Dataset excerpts
•••••

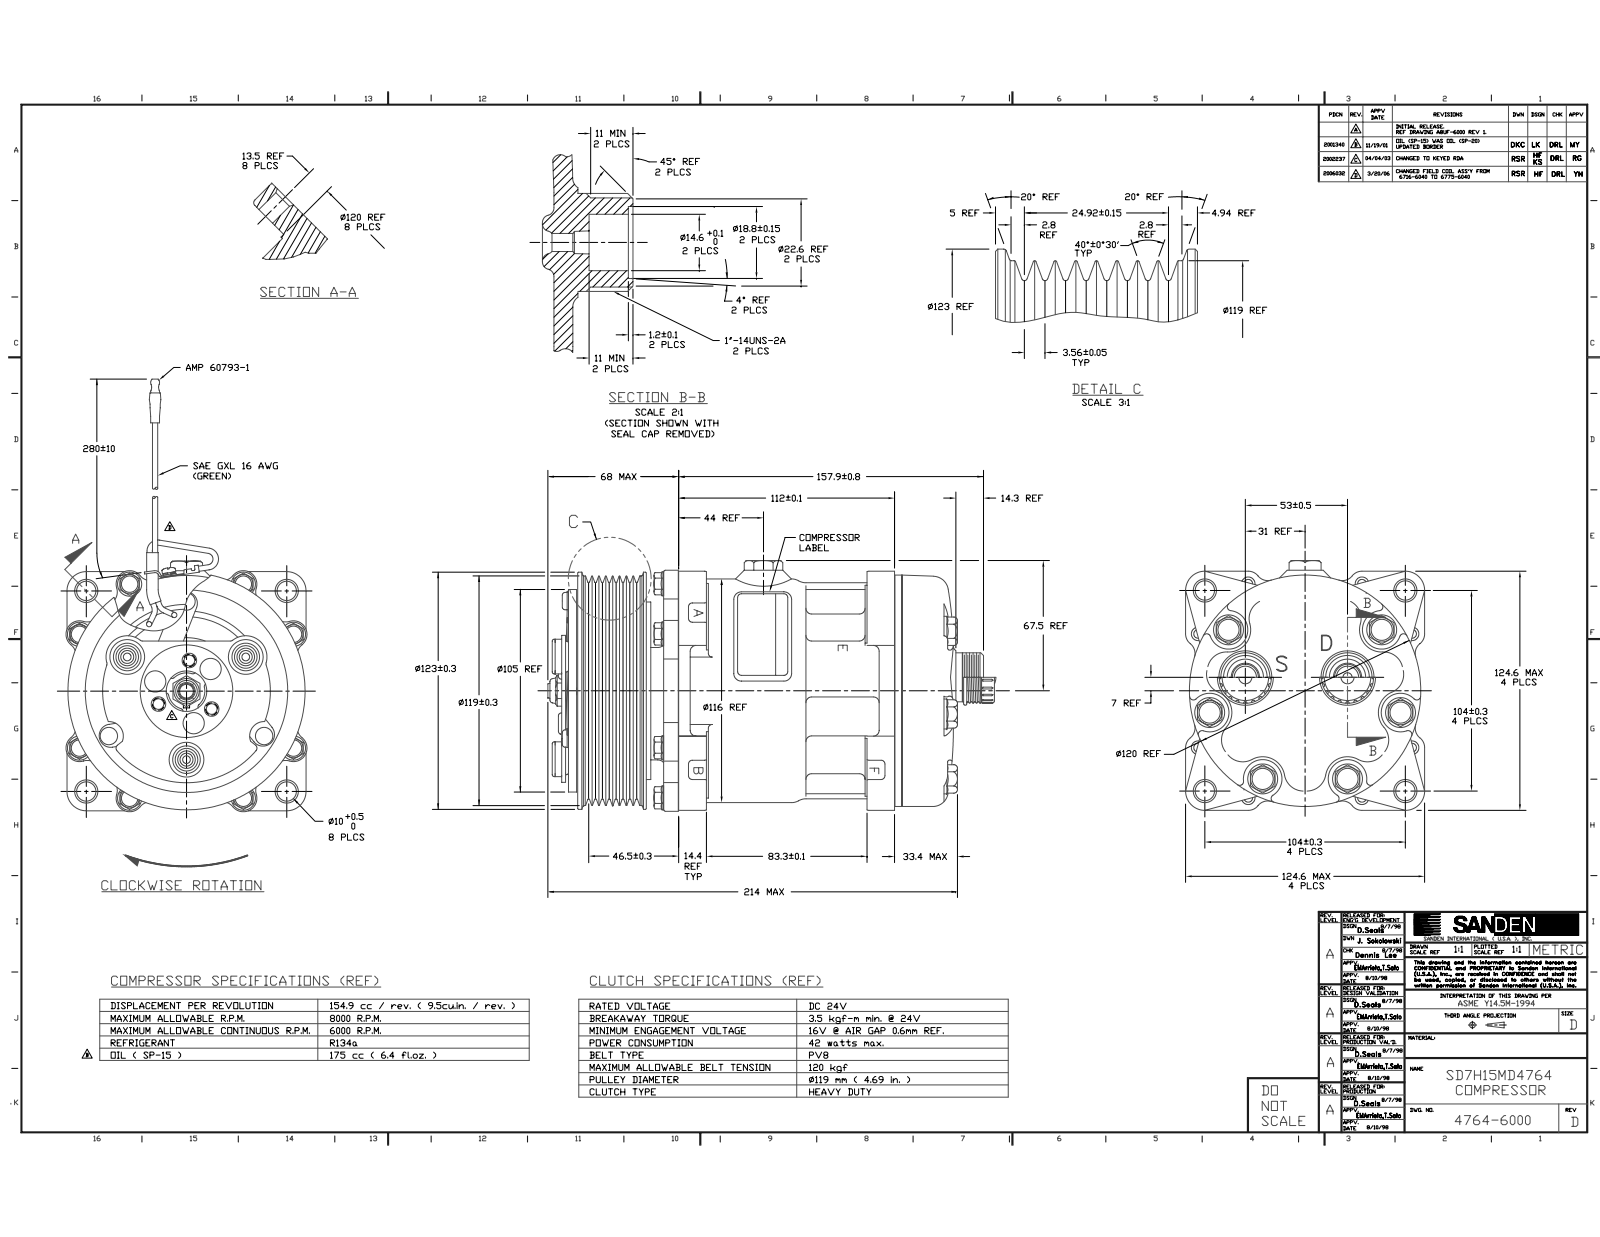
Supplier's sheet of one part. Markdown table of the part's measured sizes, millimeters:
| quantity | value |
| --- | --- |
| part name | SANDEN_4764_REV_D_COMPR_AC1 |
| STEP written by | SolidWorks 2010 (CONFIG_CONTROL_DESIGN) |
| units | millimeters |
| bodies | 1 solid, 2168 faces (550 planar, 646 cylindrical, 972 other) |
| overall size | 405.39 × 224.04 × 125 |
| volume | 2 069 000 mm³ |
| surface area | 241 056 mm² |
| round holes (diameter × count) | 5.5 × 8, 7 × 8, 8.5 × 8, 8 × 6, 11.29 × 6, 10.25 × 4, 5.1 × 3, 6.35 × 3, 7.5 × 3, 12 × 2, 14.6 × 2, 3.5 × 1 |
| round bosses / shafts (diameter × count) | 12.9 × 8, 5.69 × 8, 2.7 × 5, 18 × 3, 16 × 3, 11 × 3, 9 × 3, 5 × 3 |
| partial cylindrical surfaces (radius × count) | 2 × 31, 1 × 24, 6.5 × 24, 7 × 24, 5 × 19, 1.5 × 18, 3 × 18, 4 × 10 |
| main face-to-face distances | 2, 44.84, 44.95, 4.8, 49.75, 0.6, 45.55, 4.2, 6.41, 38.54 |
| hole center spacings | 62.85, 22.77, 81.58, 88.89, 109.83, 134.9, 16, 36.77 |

•••••

**WHAT NEEDS TO BE DONE**
Could the entries above be written out word for word, with no pictures?

**FINAL ANSWER**
Supplier's sheet of one part. Markdown table of the part's measured sizes, millimeters:
| quantity | value |
| --- | --- |
| part name | SANDEN_4764_REV_D_COMPR_AC1 |
| STEP written by | SolidWorks 2010 (CONFIG_CONTROL_DESIGN) |
| units | millimeters |
| bodies | 1 solid, 2168 faces (550 planar, 646 cylindrical, 972 other) |
| overall size | 405.39 × 224.04 × 125 |
| volume | 2 069 000 mm³ |
| surface area | 241 056 mm² |
| round holes (diameter × count) | 5.5 × 8, 7 × 8, 8.5 × 8, 8 × 6, 11.29 × 6, 10.25 × 4, 5.1 × 3, 6.35 × 3, 7.5 × 3, 12 × 2, 14.6 × 2, 3.5 × 1 |
| round bosses / shafts (diameter × count) | 12.9 × 8, 5.69 × 8, 2.7 × 5, 18 × 3, 16 × 3, 11 × 3, 9 × 3, 5 × 3 |
| partial cylindrical surfaces (radius × count) | 2 × 31, 1 × 24, 6.5 × 24, 7 × 24, 5 × 19, 1.5 × 18, 3 × 18, 4 × 10 |
| main face-to-face distances | 2, 44.84, 44.95, 4.8, 49.75, 0.6, 45.55, 4.2, 6.41, 38.54 |
| hole center spacings | 62.85, 22.77, 81.58, 88.89, 109.83, 134.9, 16, 36.77 |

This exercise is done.